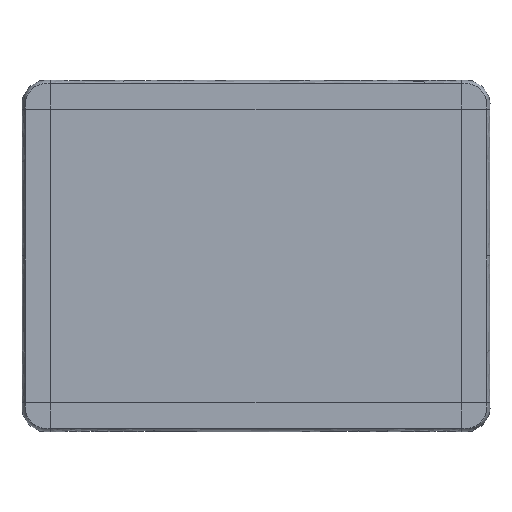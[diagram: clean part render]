
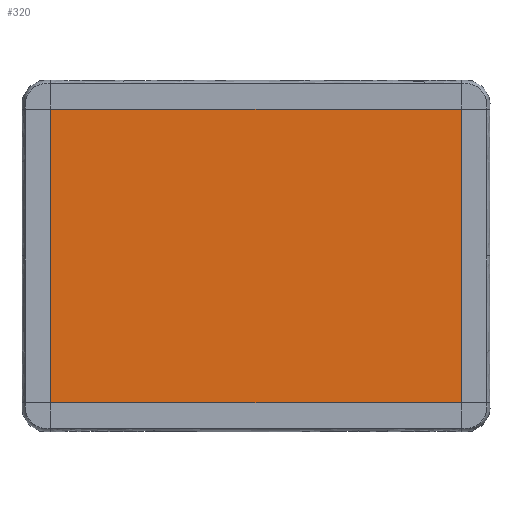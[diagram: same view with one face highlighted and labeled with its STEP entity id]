
A CAD part, top view. The second image highlights one B-rep face of the part: STEP entity #320.
In plain terms, the highlighted planar face has unit normal (0, 0, 1).
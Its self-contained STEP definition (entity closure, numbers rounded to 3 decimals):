
#320=ADVANCED_FACE('',(#452),#2166,.T.);
#452=FACE_OUTER_BOUND('',#584,.T.);
#584=EDGE_LOOP('',(#775,#776,#777,#778,#779,#780,#781,#782));
#775=ORIENTED_EDGE('',*,*,#1435,.T.);
#776=ORIENTED_EDGE('',*,*,#1436,.T.);
#777=ORIENTED_EDGE('',*,*,#1437,.T.);
#778=ORIENTED_EDGE('',*,*,#1438,.T.);
#779=ORIENTED_EDGE('',*,*,#1439,.T.);
#780=ORIENTED_EDGE('',*,*,#1440,.T.);
#781=ORIENTED_EDGE('',*,*,#1441,.T.);
#782=ORIENTED_EDGE('',*,*,#1442,.T.);
#1435=EDGE_CURVE('',#1927,#1928,#1765,.T.);
#1436=EDGE_CURVE('',#1928,#1929,#1766,.T.);
#1437=EDGE_CURVE('',#1929,#1930,#1767,.T.);
#1438=EDGE_CURVE('',#1930,#1931,#1768,.T.);
#1439=EDGE_CURVE('',#1931,#1932,#1769,.T.);
#1440=EDGE_CURVE('',#1932,#1933,#1770,.T.);
#1441=EDGE_CURVE('',#1933,#1934,#1771,.T.);
#1442=EDGE_CURVE('',#1934,#1927,#1772,.T.);
#1765=B_SPLINE_CURVE_WITH_KNOTS('',1,(#8043,#8044),.UNSPECIFIED.,.F.,.F.,
(2,2),(408.475,408.517),.UNSPECIFIED.);
#1766=B_SPLINE_CURVE_WITH_KNOTS('',1,(#8045,#8046),.UNSPECIFIED.,.F.,.F.,
(2,2),(408.517,783.951),.UNSPECIFIED.);
#1767=B_SPLINE_CURVE_WITH_KNOTS('',1,(#8047,#8048),.UNSPECIFIED.,.F.,.F.,
(2,2),(783.951,783.993),.UNSPECIFIED.);
#1768=B_SPLINE_CURVE_WITH_KNOTS('',1,(#8049,#8050),.UNSPECIFIED.,.F.,.F.,
(2,2),(413.025,789.178),.UNSPECIFIED.);
#1769=B_SPLINE_CURVE_WITH_KNOTS('',1,(#8051,#8052),.UNSPECIFIED.,.F.,.F.,
(2,2),(789.178,789.22),.UNSPECIFIED.);
#1770=B_SPLINE_CURVE_WITH_KNOTS('',1,(#8053,#8054),.UNSPECIFIED.,.F.,.F.,
(2,2),(789.22,1164.654),.UNSPECIFIED.);
#1771=B_SPLINE_CURVE_WITH_KNOTS('',1,(#8055,#8056),.UNSPECIFIED.,.F.,.F.,
(2,2),(1164.654,1164.696),.UNSPECIFIED.);
#1772=B_SPLINE_CURVE_WITH_KNOTS('',1,(#8057,#8058),.UNSPECIFIED.,.F.,.F.,
(2,2),(1164.696,1540.849),.UNSPECIFIED.);
#1927=VERTEX_POINT('',#7995);
#1928=VERTEX_POINT('',#7996);
#1929=VERTEX_POINT('',#7997);
#1930=VERTEX_POINT('',#7998);
#1931=VERTEX_POINT('',#7999);
#1932=VERTEX_POINT('',#8000);
#1933=VERTEX_POINT('',#8001);
#1934=VERTEX_POINT('',#8002);
#2166=PLANE('',#2212);
#2212=AXIS2_PLACEMENT_3D('',#2270,#2241,$);
#2241=DIRECTION('',(0.,0.,1.));
#2270=CARTESIAN_POINT('',(-267.971,-191.838,400.));
#7995=CARTESIAN_POINT('',(-262.717,-188.076,400.));
#7996=CARTESIAN_POINT('',(-262.658,-188.076,400.));
#7997=CARTESIAN_POINT('',(262.658,-188.076,400.));
#7998=CARTESIAN_POINT('',(262.717,-188.076,400.));
#7999=CARTESIAN_POINT('',(262.717,188.076,400.));
#8000=CARTESIAN_POINT('',(262.658,188.076,400.));
#8001=CARTESIAN_POINT('',(-262.658,188.076,400.));
#8002=CARTESIAN_POINT('',(-262.717,188.076,400.));
#8043=CARTESIAN_POINT('',(-262.717,-188.076,400.));
#8044=CARTESIAN_POINT('',(-262.658,-188.076,400.));
#8045=CARTESIAN_POINT('',(-262.658,-188.076,400.));
#8046=CARTESIAN_POINT('',(262.658,-188.076,400.));
#8047=CARTESIAN_POINT('',(262.658,-188.076,400.));
#8048=CARTESIAN_POINT('',(262.717,-188.076,400.));
#8049=CARTESIAN_POINT('',(262.717,-188.076,400.));
#8050=CARTESIAN_POINT('',(262.717,188.076,400.));
#8051=CARTESIAN_POINT('',(262.717,188.076,400.));
#8052=CARTESIAN_POINT('',(262.658,188.076,400.));
#8053=CARTESIAN_POINT('',(262.658,188.076,400.));
#8054=CARTESIAN_POINT('',(-262.658,188.076,400.));
#8055=CARTESIAN_POINT('',(-262.658,188.076,400.));
#8056=CARTESIAN_POINT('',(-262.717,188.076,400.));
#8057=CARTESIAN_POINT('',(-262.717,188.076,400.));
#8058=CARTESIAN_POINT('',(-262.717,-188.076,400.));
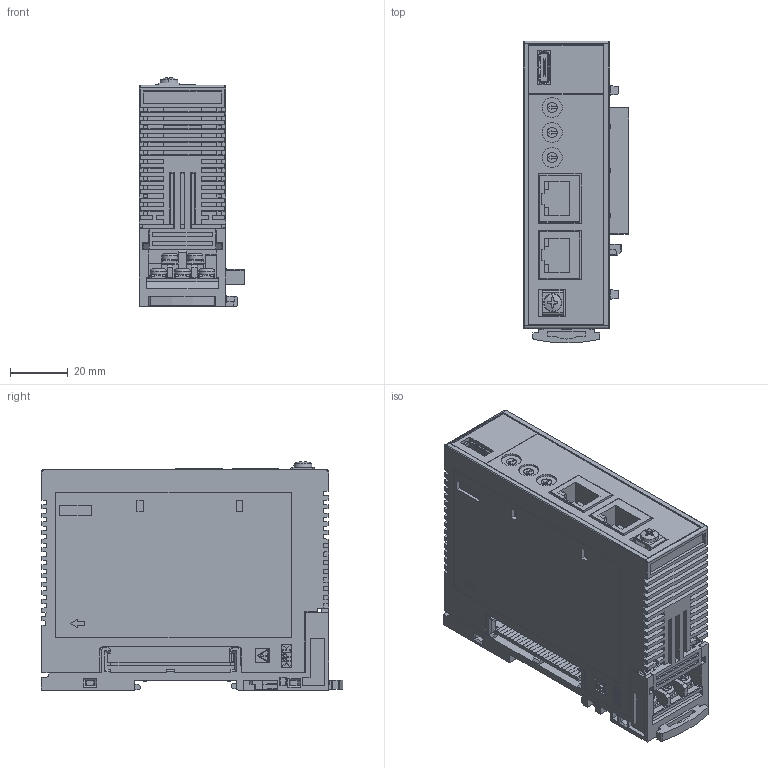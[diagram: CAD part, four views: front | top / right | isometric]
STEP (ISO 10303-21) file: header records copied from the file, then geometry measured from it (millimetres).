
FILE_DESCRIPTION (( 'STEP AP203' ), '1' );
FILE_NAME ('COM-ME-1_WEB.STEP', '2021-04-21T02:34:03', ( '' ), ( '' ), 'SwSTEP 2.0', 'SolidWorks 2018', '' );
FILE_SCHEMA (( 'CONFIG_CONTROL_DESIGN' ));
Length unit declared in the file: millimetre
Products named in the file (3): COM-ME-1_WEB; KSRZ-54(1)_WEB_デフォルト; COM-ME-1(基本設計)_WEB_デフォルト
Assembly tree (2 placements, depth 2):
  COM-ME-1_WEB
    COM-ME-1(基本設計)_WEB_デフォルト
    KSRZ-54(1)_WEB_デフォルト
Bounding box: 36.65 x 104.86 x 79.46 mm (x, y, z)
Volume: 165164.6 mm3; surface area: 62384.2 mm2
Topology: 3 solids, 6 shells, 3327 faces, 9039 edges, 5858 vertices
Faces by surface type: plane 2505, cylinder 437, bspline 331, sphere 26, torus 18, cone 10
Entity records: 114692 total; most frequent: CARTESIAN_POINT 32482, ORIENTED_EDGE 18014, DIRECTION 15013, EDGE_CURVE 9007, LINE 7323, VECTOR 7323, VERTEX_POINT 5850, AXIS2_PLACEMENT_3D 3845

→ **WHAT IS EXPECTED**:
Out of the records above, return only the lines from the one with "#8057=CARTESIAN_POINT('',(-262.717,188.076,400.));" through the one with "Length unit declared in the file: millimetre", exactly, and none of the pictures.

→ **TASK RESPONSE**:
#8057=CARTESIAN_POINT('',(-262.717,188.076,400.));
#8058=CARTESIAN_POINT('',(-262.717,-188.076,400.));
[diagram: CAD part, four views: front | top / right | isometric]
STEP (ISO 10303-21) file: header records copied from the file, then geometry measured from it (millimetres).
FILE_DESCRIPTION (( 'STEP AP203' ), '1' );
FILE_NAME ('COM-ME-1_WEB.STEP', '2021-04-21T02:34:03', ( '' ), ( '' ), 'SwSTEP 2.0', 'SolidWorks 2018', '' );
FILE_SCHEMA (( 'CONFIG_CONTROL_DESIGN' ));
Length unit declared in the file: millimetre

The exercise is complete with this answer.